# Escape Windows and Ladders, 3 questions



## Jonathan Shoemaker (Jul 16, 2017)

I am remodeling a 2 story 4 unit duplex.  I am gutting the entire thing and going back new with everything.  I am new to the building code book, normally I just build and go, so I am asking a lot of questions so I pass inspections. I have read the building code the best I can and have come up with my ideas, but I need to bounce my understanding off any who will listen.  The city's building inspector is less than informative in my building code questions and his knowledge base may be questionable.  I am using the 2015 International Bulidng Code book, chapter 1030,  and my city has no local amendments.  

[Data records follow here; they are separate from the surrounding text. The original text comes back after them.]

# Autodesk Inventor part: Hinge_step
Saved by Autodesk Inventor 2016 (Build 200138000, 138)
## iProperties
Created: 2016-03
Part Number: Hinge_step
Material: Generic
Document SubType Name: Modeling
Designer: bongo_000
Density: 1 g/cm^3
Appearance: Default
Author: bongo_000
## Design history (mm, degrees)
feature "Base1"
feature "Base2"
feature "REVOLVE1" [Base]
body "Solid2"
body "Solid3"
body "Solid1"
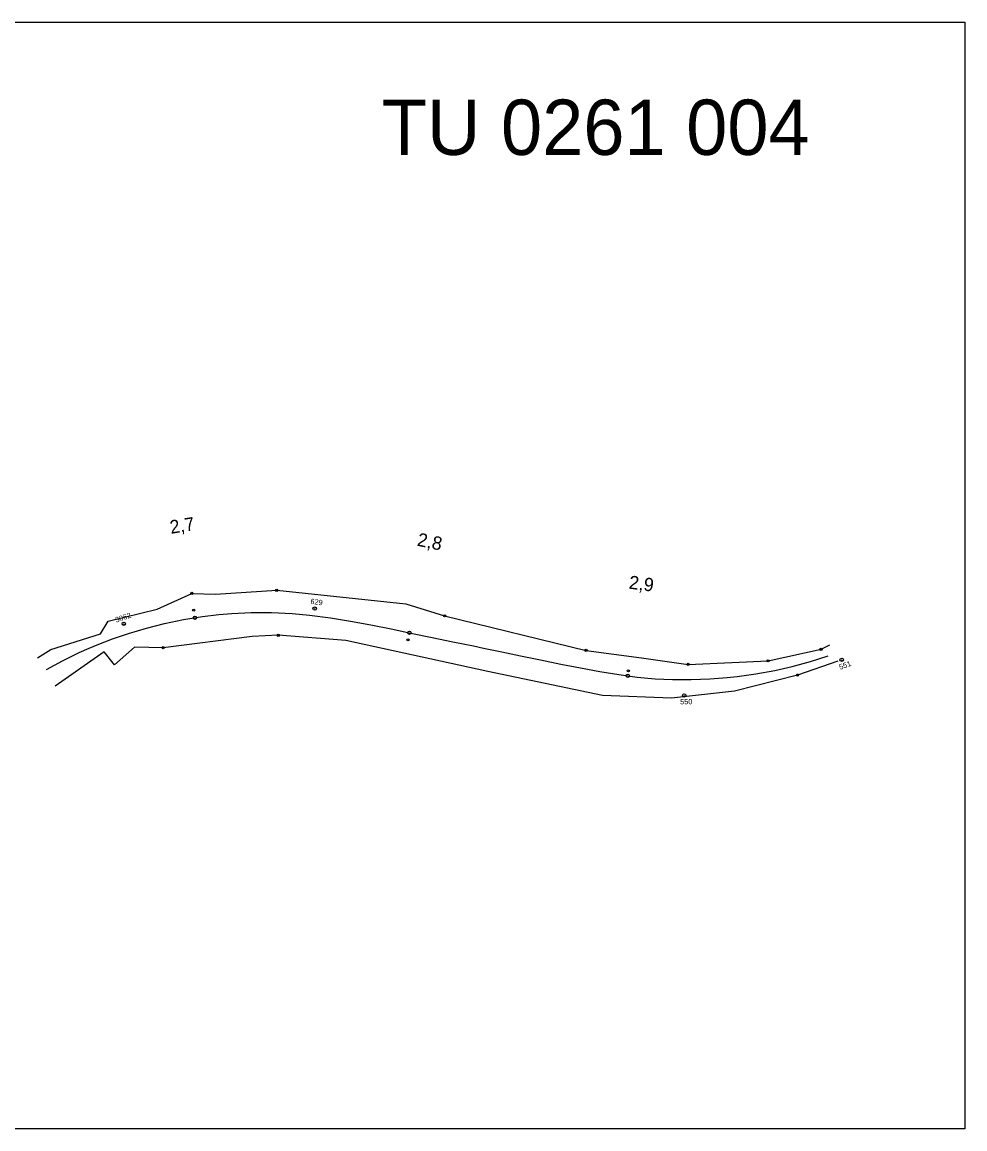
# Model space of a CAD drawing. Extents: x -849500 to -843400, y -1061500 to -1052696.
# Drawn here: x -843826 to -843400, y -1061500 to -1061000 of the extents above; entities that cross this region are included whole.
import ezdxf

# ---------------------------------------------------------------- set-up
doc = ezdxf.new("R2010")
doc.units = 0
for name, color, linetype in [('Level 1', 7, 'Continuous'), ('Level 2', 7, 'Continuous'), ('Vrstva 1', 7, 'Continuous'), ('Vrstva 53', 7, 'Continuous'), ('Vrstva 63', 7, 'Continuous'), ('Vrstva 7', 7, 'Continuous')]:
    doc.layers.add(name, color=color, linetype=linetype)

msp = doc.modelspace()

# ---------------------------------------------------------------- linework, layer by layer
at = {"layer": 'Level 1'}
msp.add_lwpolyline([(-844100, -1061500), (-844100, -1061000), (-843400, -1061000), (-843400, -1061500), (-844100, -1061500)], dxfattribs=at)
at = {"layer": 'Vrstva 1'}
msp.add_lwpolyline([(-843814.8, -1061292.46), (-843807.55, -1061288.51), (-843800.05, -1061284.84), (-843795.59, -1061282.83), (-843792.03, -1061281.34), (-843784.97, -1061278.61), (-843777.74, -1061276.13), (-843769.61, -1061273.72), (-843761.54, -1061271.7), (-843752.93, -1061269.93), (-843744.31, -1061268.56), (-843737, -1061267.68), (-843731.14, -1061267.17), (-843722.35, -1061266.75), (-843713.28, -1061266.75), (-843703.86, -1061267.17), (-843695.99, -1061267.88), (-843686.54, -1061269.1), (-843677.48, -1061270.59), (-843668.34, -1061272.3), (-843659.18, -1061274.15), (-843650.24, -1061275.99), (-843640.69, -1061277.96), (-843631.28, -1061279.9), (-843622.03, -1061281.82), (-843617.49, -1061282.77), (-843609.21, -1061284.48), (-843600.78, -1061286.23), (-843591.65, -1061288.12), (-843582.54, -1061289.99), (-843573.66, -1061291.77), (-843564.83, -1061293.4), (-843556.32, -1061294.8), (-843547.97, -1061295.88), (-843539.88, -1061296.61), (-843532.11, -1061296.98), (-843523.63, -1061297.04), (-843515.26, -1061296.73), (-843507.43, -1061296.12), (-843502.84, -1061295.63), (-843494.35, -1061294.43), (-843485.91, -1061292.87), (-843478.02, -1061291.08), (-843469.68, -1061288.8), (-843461.7, -1061286.27)], dxfattribs=at)
at = {"layer": 'Vrstva 53'}
for p, q in [((-843749.26, -1061258.08), (-843749.16, -1061258.08)), ((-843710.92, -1061256.67), (-843710.82, -1061256.67)), ((-843635.07, -1061268.21), (-843634.97, -1061268.21)), ((-843710.21, -1061277.01), (-843710.11, -1061277.01)), ((-843762.2, -1061282.64), (-843762.1, -1061282.64)), ((-843571.18, -1061283.83), (-843571.08, -1061283.83)), ((-843465, -1061283.35), (-843464.9, -1061283.35)), ((-843488.96, -1061288.55), (-843488.86, -1061288.55)), ((-843525.03, -1061290.18), (-843524.93, -1061290.18)), ((-843475.67, -1061295), (-843475.57, -1061295))]:
    msp.add_line(p, q, dxfattribs=at)
for points in [[(-843818.86, -1061287.16), (-843812.93, -1061283.41), (-843790.42, -1061276.31), (-843787, -1061270.65), (-843764.85, -1061265.22), (-843749.21, -1061258.08), (-843738.44, -1061258.37), (-843710.87, -1061256.67), (-843652.6, -1061262.75), (-843635.02, -1061268.21), (-843571.13, -1061283.83), (-843546.06, -1061287.23), (-843524.98, -1061290.18), (-843505.26, -1061289.35), (-843488.91, -1061288.55), (-843464.95, -1061283.35), (-843461.05, -1061281.3)], [(-843457.33, -1061288.75), (-843475.62, -1061295), (-843504.06, -1061302.23), (-843532.5, -1061305.38), (-843563.75, -1061304.23), (-843615.53, -1061293.42), (-843679.63, -1061279.35), (-843710.16, -1061277.01), (-843722.02, -1061277.52), (-843762.15, -1061282.64), (-843775.05, -1061282.39), (-843784.12, -1061290.32), (-843788.83, -1061284.48), (-843811.01, -1061300.02)]]:
    msp.add_lwpolyline(points, dxfattribs=at)
for centre in [(-843749.21, -1061258.08), (-843710.87, -1061256.67), (-843635.02, -1061268.21), (-843710.16, -1061277.01), (-843762.15, -1061282.64), (-843571.13, -1061283.83), (-843464.95, -1061283.35), (-843524.98, -1061290.18), (-843488.91, -1061288.55), (-843475.62, -1061295)]:
    msp.add_circle(centre, 0.499, dxfattribs=at)
at = {"layer": 'Vrstva 63'}
for p, q in [((-843693.76, -1061264.93), (-843693.66, -1061264.93)), ((-843780.01, -1061271.79), (-843779.91, -1061271.79)), ((-843455.7, -1061288.04), (-843455.6, -1061288.04)), ((-843526.79, -1061304.16), (-843526.69, -1061304.16))]:
    msp.add_line(p, q, dxfattribs=at)
for centre in [(-843693.71, -1061264.93), (-843779.96, -1061271.79), (-843455.65, -1061288.04), (-843526.74, -1061304.16)]:
    msp.add_circle(centre, 0.756, dxfattribs=at)
at = {"layer": 'Vrstva 7'}
for p, q in [((-843748.39, -1061265.69), (-843748.29, -1061265.68)), ((-843651.51, -1061279.09), (-843651.61, -1061279.07)), ((-843551.97, -1061293.07), (-843552.07, -1061293.05))]:
    msp.add_line(p, q, dxfattribs=at)
for centre, radius in [((-843748.34, -1061265.68), 0.5), ((-843747.8, -1061269.11), 0.75), ((-843651.56, -1061279.08), 0.5), ((-843650.9, -1061275.86), 0.75), ((-843552.31, -1061295.32), 0.75), ((-843552.02, -1061293.06), 0.5)]:
    msp.add_circle(centre, radius, dxfattribs=at)

# ---------------------------------------------------------------- texts
at = {"layer": 'Level 2'}
msp.add_text('TU 0261 004', height=25, dxfattribs=at).set_placement((-843663.4, -1061060))
at = {"layer": 'Vrstva 63'}
for s, rotation, p in [('629', 352.6222, (-843695.73, -1061262.79)), ('3062', 18.9301, (-843783.36, -1061271.31)), ('551', 19.9471, (-843456.33, -1061292.62))]:
    msp.add_text(s, height=2.4, rotation=rotation, dxfattribs=at).set_placement(p)
msp.add_text('550', height=2.4, dxfattribs=at).set_placement((-843528.62, -1061308.19))
at = {"layer": 'Vrstva 7'}
for s, rotation, p in [('2,7', 9.0306, (-843758.64, -1061231.19)), ('2,8', 348.3694, (-843647.74, -1061236.49)), ('2,9', 352.6108, (-843552.01, -1061255.91))]:
    msp.add_text(s, height=6, rotation=rotation, dxfattribs=at).set_placement(p)

doc.saveas('drawing.dxf')

*Questions One*:  My plan is to have vertical escape ladder for the two top floors units.  I have commonly seen these made out of pipe or sometimes rebarb.  I have read the spacing, width, and other requirements.  I don't see any requirement to be able to crawl out onto a porch or balcony and then onto the ladder. I don't see any requirements of the ladder in relation to the window ( below or beside ) or that it even needs a balcony to crawl out on first before decending the ladder.  Am I missing something?  It seems too easy.  

*Question two*:  The current set up of the building has have a window, with a porch/balcony outside of it, and then a rebarb ladder running down the side of the building.  The building inspector told me the "balcony" did not meet the definition of a balcony and the rail spacing was off.  ( I need to read what a balcony is and rebuild that to definition/code ).  He "thinks" the vertical ladder off the balcony/to the side of the window is correct, but he "thinks" that it must have some sort of enclosure at the bottom to keep random people climbing up it.  I have not read this anywhere?  Does anyone else read it somewhere?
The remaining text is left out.